"Mr. Cem!"
I look across the bedroom at Akbar. Hes sitting to the left of the computer that Mohammed #1 and Mohammed #4 are fighting over. They are installing Windows XP professional onto a Pentium 2 PC. This software, when legally purchased, costs more than they make in a year, especially in the slum town of Helwan we are sitting in, in which the roads are uneven dirt and garbage is simply thrown into unkempt piles and picked over by legions of cats. There is a donkey outside. They didn't purchase the software.
"Mr. Cem!"
Akbar again. He was a nice guy, if a little dim cmopared to the rest. He crosses his wrists in front of himself, palms inward, as if to display handcuffs.
M4:"Akbar want to say yesterday he arrested for fighting on the train."
Akbar smiles at me, shaking a huge, stubby Felaheen fist at me. I note that his forehead is one inch.
M1: "Mr. Cem! Do like Terminator 3?" M1 is starting Windows Media Player to show me the movie. I imagine the American developers who wrote the code for WMP, and if they ever imagined this kind of user. It occurs to me that maybe copy-proof software is a good thing, and that from Shanghai to Tunis people are freeloading on American/Japanese ingenuity. I flinch, beacuse I have always been anti-copyright, but I cannot deny the feeling.

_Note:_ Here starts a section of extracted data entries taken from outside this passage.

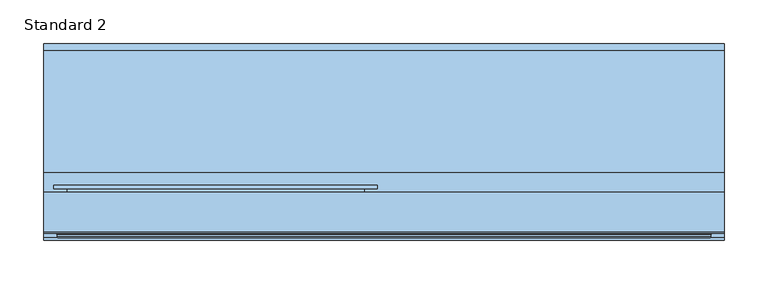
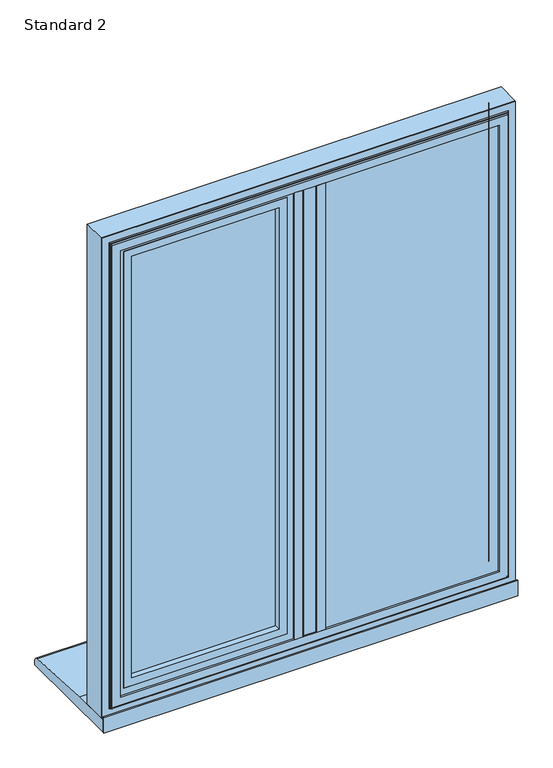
"""IFC4 building model written with IfcOpenShell, lengths in millimetres: window geometry, SMARTS_AlithermHeritage : Standard 2."""

import ifcopenshell
import ifcopenshell.guid

model = None  # the IFC model being written
_history = None  # IfcOwnerHistory: only IFC2X3 demands one
_inside = {}  # id of a spatial element -> (the spatial element, [elements in it])
_under = {}  # id of a project, library or spatial element -> (it, [spatial elements below it])
_declared = {}  # id of a project -> (the project, [libraries it declares])
_typed = {}  # id of a type object -> (the type object, [elements of that type])
_made_of = {}  # id of a material, layer set ... -> (it, [elements and type objects made of it])


def new_model(schema):
    """Start an empty IFC model of exactly this schema.

    Asked for "IFC4X3", IfcOpenShell would pick the latest addendum, in which some entities
    have other attributes; the version numbers below select the first issue.
    IFC2X3 requires an IfcOwnerHistory on every rooted entity: one is made here for all.
    """
    global model, _history
    if schema == "IFC4X3":
        model = ifcopenshell.file(schema_version=(4, 3, 0, 0))
    else:
        model = ifcopenshell.file(schema=schema)
    _inside.clear()
    _under.clear()
    _declared.clear()
    _typed.clear()
    _made_of.clear()
    _history = None
    if model.schema == "IFC2X3":
        org = make("IfcOrganization", Name="unknown")
        user = make(
            "IfcPersonAndOrganization",
            ThePerson=make("IfcPerson", FamilyName="unknown"),
            TheOrganization=org,
        )
        app = make(
            "IfcApplication",
            ApplicationDeveloper=org,
            Version="unknown",
            ApplicationFullName="unknown",
            ApplicationIdentifier="unknown",
        )
        _history = make(
            "IfcOwnerHistory",
            OwningUser=user,
            OwningApplication=app,
            ChangeAction="ADDED",
            CreationDate=0,
        )
    return model


def make(cls, **values):
    """One entity of the class cls with the attributes given. An attribute that is None is left unset."""
    return model.create_entity(
        cls, **{name: value for name, value in values.items() if value is not None}
    )


def rooted(cls, **values):
    """An entity with a GlobalId (a new one), such as an element, a storey or a relation."""
    return make(cls, GlobalId=ifcopenshell.guid.new(), OwnerHistory=_history, **values)


def si_unit(unit_type, name, prefix=None):
    """IfcSIUnit, for example si_unit("LENGTHUNIT", "METRE", prefix="MILLI")."""
    return make("IfcSIUnit", UnitType=unit_type, Prefix=prefix, Name=name)


def assignment(units):
    """IfcUnitAssignment: the units of a project."""
    return None if units is None else make("IfcUnitAssignment", Units=units)


def point(xyz):
    """IfcCartesianPoint."""
    return None if xyz is None else make("IfcCartesianPoint", Coordinates=xyz)


def direction(xyz):
    """IfcDirection."""
    return None if xyz is None else make("IfcDirection", DirectionRatios=xyz)


def frame(location, z_axis=None, x_axis=None):
    """IfcAxis2Placement3D, a coordinate frame: its origin and axes. An axis left out is left unset."""
    return make(
        "IfcAxis2Placement3D",
        Location=point(location),
        Axis=direction(z_axis),
        RefDirection=direction(x_axis),
    )


def frame_2d(location, x_axis=None):
    """IfcAxis2Placement2D, a coordinate frame in the plane: its origin and x axis."""
    return make(
        "IfcAxis2Placement2D", Location=point(location), RefDirection=direction(x_axis)
    )


def origin():
    """The frame at (0, 0, 0) with its axes left unset."""
    return frame((0.0, 0.0, 0.0))


def place(relative_to, where):
    """IfcLocalPlacement: puts the frame where relative to a parent placement (None: the world)."""
    return make(
        "IfcLocalPlacement", PlacementRelTo=relative_to, RelativePlacement=where
    )


def context(
    kind, dimensions, precision=None, world=None, true_north=None, identifier=None
):
    """IfcGeometricRepresentationContext, for example the 3D "Model" context."""
    return make(
        "IfcGeometricRepresentationContext",
        ContextIdentifier=identifier,
        ContextType=kind,
        CoordinateSpaceDimension=dimensions,
        Precision=precision,
        WorldCoordinateSystem=world,
        TrueNorth=true_north,
    )


def project(units=None, contexts=None):
    """IfcProject with its units and contexts."""
    return rooted(
        "IfcProject",
        Name="project",
        RepresentationContexts=contexts,
        UnitsInContext=assignment(units),
    )


def spatial(cls, under=None, at=None, **own):
    """A site, building, storey or space (cls), placed at a placement, below another one or the project."""
    s = rooted(cls, ObjectPlacement=at, **own)
    if under is not None:
        _under.setdefault(under.id(), (under, []))[1].append(s)
    return s


def polyline(points):
    """IfcPolyline through the points."""
    return make("IfcPolyline", Points=[point(p) for p in points])


def circle_curve(where, radius):
    """IfcCircle in the frame where."""
    return make("IfcCircle", Position=where, Radius=radius)


def ellipse_curve(where, semi_axis1, semi_axis2):
    """IfcEllipse in the frame where."""
    return make(
        "IfcEllipse", Position=where, SemiAxis1=semi_axis1, SemiAxis2=semi_axis2
    )


def trimmed(basis, trim1, trim2, sense, master):
    """IfcTrimmedCurve: the piece of a basis curve between two trims."""
    return make(
        "IfcTrimmedCurve",
        BasisCurve=basis,
        Trim1=trim1,
        Trim2=trim2,
        SenseAgreement=sense,
        MasterRepresentation=master,
    )


def segment(curve, same_sense, transition):
    """IfcCompositeCurveSegment."""
    return make(
        "IfcCompositeCurveSegment",
        Transition=transition,
        SameSense=same_sense,
        ParentCurve=curve,
    )


def composite_curve(segments, self_intersect=None):
    """IfcCompositeCurve: segments joined end to end."""
    return make("IfcCompositeCurve", Segments=segments, SelfIntersect=self_intersect)


def outline(outer, holes=None, kind="AREA"):
    """IfcArbitraryClosedProfileDef: a profile drawn as a closed curve; with holes, ...WithVoids."""
    if holes is None:
        return make("IfcArbitraryClosedProfileDef", ProfileType=kind, OuterCurve=outer)
    return make(
        "IfcArbitraryProfileDefWithVoids",
        ProfileType=kind,
        OuterCurve=outer,
        InnerCurves=holes,
    )


def extrude(swept, where, along, depth):
    """IfcExtrudedAreaSolid: the profile swept, set in the frame where, extruded along a direction by depth."""
    return make(
        "IfcExtrudedAreaSolid",
        SweptArea=swept,
        Position=where,
        ExtrudedDirection=direction(along),
        Depth=depth,
    )


def faces_of(points, faces, orient=None, outer=None):
    """IfcFace entities. A face is a list of loops; a loop is a list of indices into points, from 0.

    orient and outer hold one flag for each loop. By default every Orientation is true, the
    first loop of a face is its IfcFaceOuterBound and the others are IfcFaceBound.
    """
    made = []
    for i, loops in enumerate(faces):
        bounds = []
        for j, loop in enumerate(loops):
            is_outer = j == 0 if outer is None else outer[i][j]
            bounds.append(
                make(
                    "IfcFaceOuterBound" if is_outer else "IfcFaceBound",
                    Bound=make("IfcPolyLoop", Polygon=[points[k] for k in loop]),
                    Orientation=True if orient is None else orient[i][j],
                )
            )
        made.append(make("IfcFace", Bounds=bounds))
    return made


def faceted_brep(points, faces, orient=None, outer=None, voids=None):
    """IfcFacetedBrep: a solid bounded by flat faces; with voids (closed shells), ...WithVoids."""
    shared = [point(p) for p in points]
    hull = make("IfcClosedShell", CfsFaces=faces_of(shared, faces, orient, outer))
    if voids is None:
        return make("IfcFacetedBrep", Outer=hull)
    return make(
        "IfcFacetedBrepWithVoids",
        Outer=hull,
        Voids=[
            make(cls, CfsFaces=faces_of(shared, fs, o, b)) for cls, fs, o, b in voids
        ],
    )


def shape(context_of_items, identifier, shape_type, items):
    """IfcShapeRepresentation: the items that make up one representation, for example the "Body"."""
    return make(
        "IfcShapeRepresentation",
        ContextOfItems=context_of_items,
        RepresentationIdentifier=identifier,
        RepresentationType=shape_type,
        Items=items,
    )


def source(mapping_origin, context_of_items, identifier, shape_type, items):
    """IfcRepresentationMap: a shape defined once, which mapped items show again and again."""
    return make(
        "IfcRepresentationMap",
        MappingOrigin=mapping_origin,
        MappedRepresentation=shape(context_of_items, identifier, shape_type, items),
    )


def transform(
    local_origin,
    x_axis=None,
    y_axis=None,
    z_axis=None,
    scale=None,
    scale2=None,
    scale3=None,
    uniform=True,
):
    """IfcCartesianTransformationOperator3D, or its non-uniform kind. x_axis, y_axis, z_axis: its Axis1, 2, 3."""
    if uniform:
        return make(
            "IfcCartesianTransformationOperator3D",
            Axis1=direction(x_axis),
            Axis2=direction(y_axis),
            LocalOrigin=point(local_origin),
            Scale=scale,
            Axis3=direction(z_axis),
        )
    return make(
        "IfcCartesianTransformationOperator3DnonUniform",
        Axis1=direction(x_axis),
        Axis2=direction(y_axis),
        LocalOrigin=point(local_origin),
        Scale=scale,
        Axis3=direction(z_axis),
        Scale2=scale2,
        Scale3=scale3,
    )


def mapped(mapping_source, mapping_target):
    """IfcMappedItem: shows the shape of a source again, moved by a transform."""
    return make(
        "IfcMappedItem", MappingSource=mapping_source, MappingTarget=mapping_target
    )


def made_of(thing, what):
    """Note that an element or type object is made of a material, layer set ...; save() writes the relation."""
    if what is not None:
        _made_of.setdefault(what.id(), (what, []))[1].append(thing)
    return thing


def element(
    cls,
    number,
    at=None,
    inside=None,
    cuts=None,
    type_object=None,
    material=None,
    context=None,
    identifier="Body",
    shape_type=None,
    held_by="IfcProductDefinitionShape",
    body=None,
    shapes=None,
    **own,
):
    """One element of the class cls, such as IfcWall. Its Tag is "e" and its number.

    at: its placement. inside: the storey or other place that contains it. cuts: it is an
    opening in that element (IfcRelVoidsElement). A single representation is given by context,
    identifier, shape_type and body (its items); several are given by shapes. held_by: the class
    of the entity that holds the representations. save() writes the other relations.
    """
    e = rooted(cls, Tag="e%d" % number, ObjectPlacement=at, **own)
    if body is not None:
        shapes = [shape(context, identifier, shape_type, body)]
    if shapes is not None:
        e.Representation = make(held_by, Representations=shapes)
    if inside is not None:
        _inside.setdefault(inside.id(), (inside, []))[1].append(e)
    if cuts is not None:
        rooted(
            "IfcRelVoidsElement", RelatingBuildingElement=cuts, RelatedOpeningElement=e
        )
    if type_object is not None:
        _typed.setdefault(type_object.id(), (type_object, []))[1].append(e)
    return made_of(e, material)


def aggregate(whole, parts):
    """IfcRelAggregates: a whole, such as a stair, and the parts it consists of."""
    return rooted("IfcRelAggregates", RelatingObject=whole, RelatedObjects=parts)


def save(model, path):
    """Write the relations noted so far, then the file.

    IfcRelAggregates (storeys below a building ...), IfcRelContainedInSpatialStructure (elements
    in a storey), IfcRelDefinesByType, IfcRelAssociatesMaterial and IfcRelDeclares: one each for
    every whole, place, type object, material and project.
    """
    for whole, parts in _under.values():
        aggregate(whole, parts)
    for where, things in _inside.values():
        rooted(
            "IfcRelContainedInSpatialStructure",
            RelatedElements=things,
            RelatingStructure=where,
        )
    for kind, things in _typed.values():
        rooted("IfcRelDefinesByType", RelatedObjects=things, RelatingType=kind)
    for what, things in _made_of.values():
        rooted("IfcRelAssociatesMaterial", RelatedObjects=things, RelatingMaterial=what)
    for by, libraries in _declared.values():
        rooted("IfcRelDeclares", RelatingContext=by, RelatedDefinitions=libraries)
    model.write(path)


def plane_surface(at):
    """IfcPlane: the flat surface through the origin of the frame at, square to its z axis."""
    return make("IfcPlane", Position=at)


def cylinder_surface(at, radius):
    """IfcCylindricalSurface: all points at the distance radius from the z axis of the frame at."""
    return make("IfcCylindricalSurface", Position=at, Radius=radius)


def revolved_surface(curve, axis_point, axis_direction):
    """IfcSurfaceOfRevolution: the curve turned about the line through axis_point along axis_direction."""
    return make(
        "IfcSurfaceOfRevolution",
        SweptCurve=make("IfcArbitraryOpenProfileDef", ProfileType="CURVE", Curve=curve),
        AxisPosition=make("IfcAxis1Placement", Location=point(axis_point), Axis=direction(axis_direction)),
    )


def advanced_brep(points, edges, surfaces, faces):
    """IfcAdvancedBrep: a solid bounded by faces that lie on surfaces and meet in shared edges.

    An edge is (start, end): straight between two places in points (the first is 0);
    or (start, end, curve); or (start, end, curve, False) where it runs against its curve.
    A face is (place in surfaces, loops), or (place, loops, False) where it looks against
    its surface's normal. A loop lists edges by number (the first is 1), with a minus sign
    where the edge is run from its end to its start. The first loop is the outer one.
    """
    corners = [point(p) for p in points]
    vertices = [make("IfcVertexPoint", VertexGeometry=c) for c in corners]
    made = []
    for start, end, *more in edges:
        made.append(
            make(
                "IfcEdgeCurve",
                EdgeStart=vertices[start],
                EdgeEnd=vertices[end],
                EdgeGeometry=more[0] if more else make("IfcPolyline", Points=[corners[start], corners[end]]),
                SameSense=more[1] if len(more) > 1 else True,
            )
        )
    hull = []
    for where, loops, *sense in faces:
        bounds = []
        for j, loop in enumerate(loops):
            ring = [make("IfcOrientedEdge", EdgeElement=made[abs(k) - 1], Orientation=k > 0) for k in loop]
            bounds.append(
                make(
                    "IfcFaceOuterBound" if j == 0 else "IfcFaceBound",
                    Bound=make("IfcEdgeLoop", EdgeList=ring),
                    Orientation=True,
                )
            )
        hull.append(make("IfcAdvancedFace", Bounds=bounds, FaceSurface=surfaces[where], SameSense=sense[0] if sense else True))
    return make("IfcAdvancedBrep", Outer=make("IfcClosedShell", CfsFaces=hull))


def standard_2_8d0ce72f(model_context):
    return source(origin(), model_context, "Body", "SolidModel", [
        extrude(outline(polyline([(-13.6941456, 95.2798432), (13.6941456, 95.2798432), (13.6941456, 47.279476), (-13.6941456, 47.279476), (-13.6941456, 95.2798432)])), frame((0.0, 0.0, 652.6941456), z_axis=(0.0, 0.0, 1.0), x_axis=(1.0, 0.0, 0.0)), (0.0, 0.0, 1.0), 919.6117089),
        extrude(outline(composite_curve([segment(polyline([(-29.0, 47.279476), (29.0, 47.279476), (29.0, 43.2798432), (13.0, 43.2798432)]), True, "CONTINUOUS"), segment(trimmed(circle_curve(frame_2d((13.0, 44.2798432)), 1.0), [point((13.0, 43.2798432))], [point((12.0, 44.2798432))], False, "CARTESIAN"), True, "CONTINUOUS"), segment(polyline([(12.0, 44.2798432), (12.0, 45.7798432), (-12.0, 45.7798432), (-12.0, 44.2798432)]), True, "CONTINUOUS"), segment(trimmed(circle_curve(frame_2d((-13.0, 44.2798432)), 1.0), [point((-12.0, 44.2798432))], [point((-13.0, 43.2798432))], False, "CARTESIAN"), True, "CONTINUOUS"), segment(polyline([(-13.0, 43.2798432), (-29.0, 43.2798432), (-29.0, 47.279476)]), True, "CONTINUOUS")], self_intersect=False)), frame((0.0, 0.0, 668.0), z_axis=(0.0, 0.0, 1.0), x_axis=(1.0, 0.0, 0.0)), (0.0, 0.0, 1.0), 889.0),
        extrude(outline(polyline([(-343.5, 89.2798432), (-42.5, 89.2798432), (-42.5, 85.2798432), (-343.5, 85.2798432), (-343.5, 89.2798432)])), frame((0.0, 0.0, 681.5), z_axis=(0.0, 0.0, 1.0), x_axis=(1.0, 0.0, 0.0)), (0.0, 0.0, 1.0), 862.0),
        extrude(outline(polyline([(-343.5, 69.2798432), (-42.5, 69.2798432), (-42.5, 65.2798432), (-343.5, 65.2798432), (-343.5, 69.2798432)])), frame((0.0, 0.0, 681.5), z_axis=(0.0, 0.0, 1.0), x_axis=(1.0, 0.0, 0.0)), (0.0, 0.0, 1.0), 862.0),
        extrude(outline(polyline([(1543.5, -343.5), (681.5, -343.5), (681.5, -42.5), (1543.5, -42.5), (1543.5, -343.5)]), holes=[polyline([(1533.5, -52.5), (691.5, -52.5), (691.5, -333.5), (1533.5, -333.5), (1533.5, -52.5)])]), frame((0.0, 69.2798432, 0.0), z_axis=(0.0, 1.0, 0.0), x_axis=(0.0, 0.0, 1.0)), (0.0, 0.0, 1.0), 16.0),
        extrude(outline(polyline([(1547.0052956, -347.0052956), (677.9947044, -347.0052956), (677.9947044, -38.9947044), (1547.0052956, -38.9947044), (1547.0052956, -347.0052956)]), holes=[polyline([(1532.0, -54.0), (693.0, -54.0), (693.0, -332.0), (1532.0, -332.0), (1532.0, -54.0)])]), frame((0.0, 51.2798432, 0.0), z_axis=(0.0, 1.0, 0.0), x_axis=(0.0, 0.0, 1.0)), (0.0, 0.0, 1.0), 11.3),
        extrude(outline(polyline([(662.3548042, -362.6451958), (662.3548042, -23.3548042), (1562.6451958, -23.3548042), (1562.6451958, -362.6451958), (662.3548042, -362.6451958)]), holes=[polyline([(1547.0, -347.0), (1547.0, -39.0), (678.0, -39.0), (678.0, -347.0), (1547.0, -347.0)])]), frame((0.0, 51.2798432, 0.0), z_axis=(0.0, 1.0, 0.0), x_axis=(0.0, 0.0, 1.0)), (0.0, 0.0, 1.0), 41.6),
        advanced_brep(
        [(-332.0, 98.0798432, 1532.0), (-332.0, 92.8798432, 1532.0), (-332.0, 92.8798432, 693.0), (-332.0, 98.0798432, 693.0), (-54.0, 92.8798432, 693.0), (-54.0, 98.0798432, 693.0), (-54.0, 92.8798432, 1532.0), (-54.0, 98.0798432, 1532.0), (-378.2, 99.2798432, 1578.2), (-378.2, 103.2798432, 1578.2), (-378.2, 103.2798432, 646.8), (-378.2, 99.2798432, 646.8), (-7.8, 103.2798432, 646.8), (-7.8, 99.2798432, 646.8), (-7.8, 103.2798432, 1578.2), (-7.8, 99.2798432, 1578.2), (-363.1467657, 99.2798432, 1563.1467657), (-22.8532343, 99.2798432, 1563.1467657), (-22.8532343, 99.2798432, 661.8532343), (-363.1467657, 99.2798432, 661.8532343), (-349.2, 103.2798432, 675.8), (-36.8, 103.2798432, 675.8), (-36.8, 103.2798432, 1549.2), (-349.2, 103.2798432, 1549.2), (-363.1467657, 92.8798432, 1563.1467657), (-363.1467657, 92.8798432, 661.8532343), (-22.8532343, 92.8798432, 661.8532343), (-22.8532343, 92.8798432, 1563.1467657), (-347.2, 101.2798432, 1547.2), (-347.2, 100.0798432, 1547.2), (-347.2, 100.0798432, 677.8), (-347.2, 101.2798432, 677.8), (-345.2, 98.0798432, 1545.2), (-345.2, 98.0798432, 679.8), (-38.8, 100.0798432, 677.8), (-38.8, 101.2798432, 677.8), (-40.8, 98.0798432, 679.8), (-38.8, 100.0798432, 1547.2), (-38.8, 101.2798432, 1547.2), (-40.8, 98.0798432, 1545.2)],
        [
            (0, 1),
            (1, 2),
            (2, 3),
            (3, 0),
            (2, 4),
            (4, 5),
            (5, 3),
            (4, 6),
            (6, 7),
            (7, 5),
            (6, 1),
            (0, 7),
            (8, 9),
            (9, 10),
            (10, 11),
            (11, 8),
            (10, 12),
            (12, 13),
            (13, 11),
            (12, 14),
            (14, 15),
            (15, 13),
            (15, 8),
            (16, 17),
            (17, 18),
            (18, 19),
            (19, 16),
            (14, 9),
            (20, 21),
            (21, 22),
            (22, 23),
            (23, 20),
            (24, 16),
            (19, 25),
            (25, 24),
            (18, 26),
            (26, 25),
            (17, 27),
            (27, 26),
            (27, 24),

Staring at the guys fighting over whos going to control WMP, I realize that seeing illegal copies of all kinds of software and entertainment in Thailand never bothered me. What was bothering me was that these people are the same ones who were just talking shit about my country, and now they are high fiving to one of America's worst sequels ever on pirated American software.
M4: "Mr. Cem! You like Egyptian music?" Suddenly M4 switches T3 to some kind of horrible Egyptian pop. All 4 guys jump up and start dancing at once, in a way that I find horribly goofy, feminine, and alien all at once. Akbar gets a large knife from the next room, and they start incorporating the knife into the dance, passing it from person to person weaving it through the air, throwing it from hand to hand. I was dumbfounded.
Figo:"Senore Cem, musica Egyptiano bieno, no?" (sp?)
Figo's real name is Gamel, but he doesn't know English, so he speaks to me in Italian, of which I understand 30 percent. None-the-less I was met with unbelieveable hospitality several hours prior when his whole family took me in for dinner. Figo's mother, who has breast cancer and cannot afford a doctor, prepared an unusually good meal for me on the spot, even making the pita bread fresh and by hand. We sat around the TV in their ancient two story house watching re-runs of October 6th celebrations which reminded me of the opening ceremonies of the Olympics in Salt-Lake City.
Amid all the dancing, M1's mother enters the room with 6 glasses of fresh mango juice.
"Shookrun." (Thanks) I say "Enti latifa gidan" (you are so very nice)
"Afwan" She says, and walks back to the female area of the house.
Suddenly M1 looks at me, and seemingly out of nowhere asks:
"Mr. Cem - do like Bush, or Saddam?"
Politics are far more important to everyday life and conversation here in the ME than in the US, and often when people know I am American, it seems that the statements are on the tip of their tongue
M1's father suddenly enters the room - a small, wide man in a long white robe, his forehead bruised form constant supplication. In English he blurts out:
"Saddam good man. His people love him. He make them happy."
Knowing better than to argue with the man of the (muslim and arab) house in a religious quarter of a very distant slum in the biggest Arab city the world, yet not wanting to bend over for this and aware that any attempt at explaining would be unproductive, I looked at Figo quickly and said-
"Coza-coza" (Italian for so-so)
I smiled and looked at my mango juice.
Mohammed #1's mother, covered completely in black except for her eyes and thick hands peered through the door.
She blinked.
I blinked.
And for a few moments, we were all silent.